# Tokyo Dome continued; bring on the natives!



## KyushuCalanthe (Feb 22, 2010)

Now some Japanese stuff. Japanese orchids are not the big showy flowers we've all come to love and know as "orchids". As a rule they have an understated beauty, something that grows on you the longer you work with them. Also, presentation is a key element in displaying them - a Dixie cup won't do. Here are a few representative plants from the show. 

Tis the season for _Dendrobium moniliforme_ to flower. Actually, these are greenhouse grown, so they are flowering a month or more earlier than in nature. Selected clones such as these are called _Chouseiran_.












What's a Japanese orchid show without at least a few Neos even if it isn't the flowering season? This 'Asahiden' caught my eye - a plant that large takes well over a decade to grow.






Another popular species to grow here is _Cymbidium goeringii_, called _shunran_ in Japanese. These grow across southern Asia from China and Korea to Taiwan and much of Japan. The Chinese forms often are multifloral with lighter flowers and have a strong scent, while Japanese and Korean plants are more lightly fragrant and sport single flowers per stem. Colors range from greens, white, to true yellow, to orange and orange-red, and even wine purple. Multicolored flowers also exist.

This one has much rounder segments than most and look at that pot! Living art.






The winner of its class, this form known as 'Mebina', was a real show stopper. Such a pure orange red like that is rare and valued. 






The Japanese love their terrestrials as much as the epiphytes. Here is the native _Liparis makinoana_, a very close relative of the North American _L. lilifolia_, so much so that some consider them varieties of the same species.

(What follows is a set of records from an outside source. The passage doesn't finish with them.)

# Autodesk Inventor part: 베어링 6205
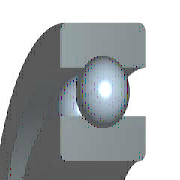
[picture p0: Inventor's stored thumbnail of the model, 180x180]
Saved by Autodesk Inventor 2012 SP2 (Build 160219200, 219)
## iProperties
IsCustomPart: 1
Company: 한국ATC센터
Created: 2014-11
Part Number: 베어링 6205
Material: 강, 연강
Description: 깊은 그루브 볼 베어링
Document SubType Name: Modeling
Standard: KS B 2023
Designer: KYOUNG IL JANG
Standards Organization: KS
Language: ko-KR
Size Designation: 6205 - 25 x 52 x 15
Categories: <MemberInstance><Categories><Category DisplayName="샤프트 부품" InternalName="7f7aeb1f-a693-4053-b835-cee3144e0d98" Mnemonic="SHFT"><Category DisplayName="베어링" Inter
Density: 7.86 g/cm^3
Mass: 129.543 g
Surface Area: 107.326 cm^2
Volume: 16.4813 cm^3
Author: KYOUNG IL JANG
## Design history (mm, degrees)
revolve "본체" stored, may be unused: angle "d6" = 90 deg
revolve "볼" stored, may be unused: angle "d7" = 90 deg
pattern_circular "IDS_ARRAYBALL[SIMPL:T]" dims angle "d3" = 360 deg
body "Solid1"
sketch "스케치" dims "d0" = 7.02 (= -0.26 x WD + 0.26 x BD)
  geometry: L1 (3.99, 19.25)-(11.01, 19.25); L2 (7.5, 19.25)-(7.5, 15.74); L3 (7.5, 19.25)-(7.5, 22.76); L4 (4.892, 16.901)-(0, 16.901); L5 (0, 12.5)-(15, 12.5); L6 (4.892, 21.599)-(0, 21.599); L7 (0, 26)-(15, 26); L8 (15, 12.5)-(15, 16.901); L9 (10.108, 16.901)-(15, 16.901); L10 (10.108, 21.599)-(15, 21.599); L11 (15, 26)-(15, 21.599); L12 (-1.4, 0)-(8.4, 0) reference; L13 (0, -0.3)-(0, 5.3) reference
  constraints: 22 end point, 4 point on line, 2 collinear, 2 perpendicular, 2 symmetric about line, 1 midpoint, 1 parallel, 14 other
  dimensions: "d9" = 25 diameter of L5 L12 (= WD); "d11" = 52 diameter of L7 L12 (= BD); "d12" = 15 distance between parallel lines of L8 L13 (= KB); "d13" = 33.802 diameter of L9 L12 (= 0.326 x BD + 0.674 x WD)
fillet "모깎기1" dims "d1" = 1 (= KRS)
other parameters: "WD" = 25 [user parameter; used in 5 equation terms], "BD" = 52 [user parameter; used in 5 equation terms], "KB" = 15 [user parameter; used in 1 equation term], "KRS" = 1 [user parameter; used in 1 equation term], "d4" = 0, "d5" = 0, "d8" = 0, "d14" = 0, "d15" = 0, "BBA" = 0 [user parameter], "BC0" = 7800000 [user parameter], "BC" = 1.4e+07 [user parameter], "BR" = 26 (= 0.5 x BD) [user parameter], "WR" = 12.5 (= 0.5 x WD) [user parameter]
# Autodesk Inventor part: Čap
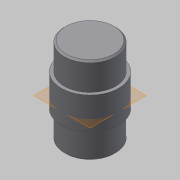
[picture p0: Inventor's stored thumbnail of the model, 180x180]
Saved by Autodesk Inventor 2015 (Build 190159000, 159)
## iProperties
Created: 2012-09
Part Number: Čap
Document SubType Name: Modeling
Designer: Michman
Material: Všeobecné
Density: 1 g/cm^3
Appearance: Výchozí
Author: Michman
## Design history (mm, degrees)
sketch "Náčrt1"
  geometry: C1 r 9 at (0, 0)
  constraints: 1 centre point
  dimensions: "d0" = 18 diameter of C1
extrude "Vysunutí1" new body sketch "Náčrt1" distance "d1" = 15; taper "d2" = 0 deg
sketch "Náčrt2"
  geometry: C1 r 9 at (0, 0) reference; C2 r 8 at (0, 0)
  constraints: 1 centre point, 1 coincident
  dimensions: "d3" = 16 diameter of C2
extrude "Vysunutí2" join sketch "Náčrt2" distance "d4" = 8.5; taper "d5" = 0 deg
chamfer "Zkosení2" distance "d10" = 0.5; stored, may be unused: second distance "d11" = 2, angle "d12" = 45 deg
sketch "Náčrt3"
  geometry: C1 r 9 at (0, 0) reference; C2 r 8 at (0, 0)
  constraints: 1 centre point, 1 coincident
  dimensions: "d13" = 16 diameter of C2
extrude "Vysunutí3" join sketch "Náčrt3" distance "d14" = 8.5; taper "d15" = 0 deg
chamfer "Zkosení3" distance "d16" = 0.5; stored, may be unused: second distance "d17" = 2, angle "d18" = 45 deg
node "Pracovní rovina2"
node "Těleso1"
node "Objemová tělesa"
node "Povrchová tělesa"

Finally, a very spotted leaf form of _Phaius flavus_. A plant with this much spotting would be expensive, at least $300, perhaps more. To the right you can see the normal form with green leaves. Variegation of any kind is highly valued in Japan.


----------



## SlipperKing (Feb 22, 2010)

Great stuff! Thanks for the background info too.


----------



## JeanLux (Feb 22, 2010)

Thanks for thes great pics Tom!!!! There is really a lot done for the presentation!!!! I like the pots and even if I am no Cymb. fan at all, those Cymbidium goeringii are superb!!!! Jean


----------



## Yoyo_Jo (Feb 22, 2010)

Wow, presentation_ is _everything, isn't it. The pots are beautiful, but they don't detract from the orchids at all, they enhance them. Amazing stuff.


----------



## etex (Feb 22, 2010)

Lovely blooms and presentation! Very elegant! Thanks for the show and info!!


----------



## Paul (Feb 22, 2010)

very nice !!


----------



## Linh (Feb 22, 2010)

:clap::clap: I LOVE seeing photos of the natives at Tokyo Dome. Reminds me of the photos in The Wild Orchid Journal magazine that I get shipped to me once month now from Japan.


----------



## NYEric (Feb 22, 2010)

The goeringii are hot!! I have to check w/ Jason Fischer to see if they have more, thanx for posting.


----------



## nikv (Feb 22, 2010)

Very lovely photos! I think I'll try my hand at growing a Dendrobium moniliforme. I'd think they should do nicely in my climate.


----------



## Linh (Feb 22, 2010)

NYEric said:


> The goeringii are hot!! I have to check w/ Jason Fischer to see if they have more, thanx for posting.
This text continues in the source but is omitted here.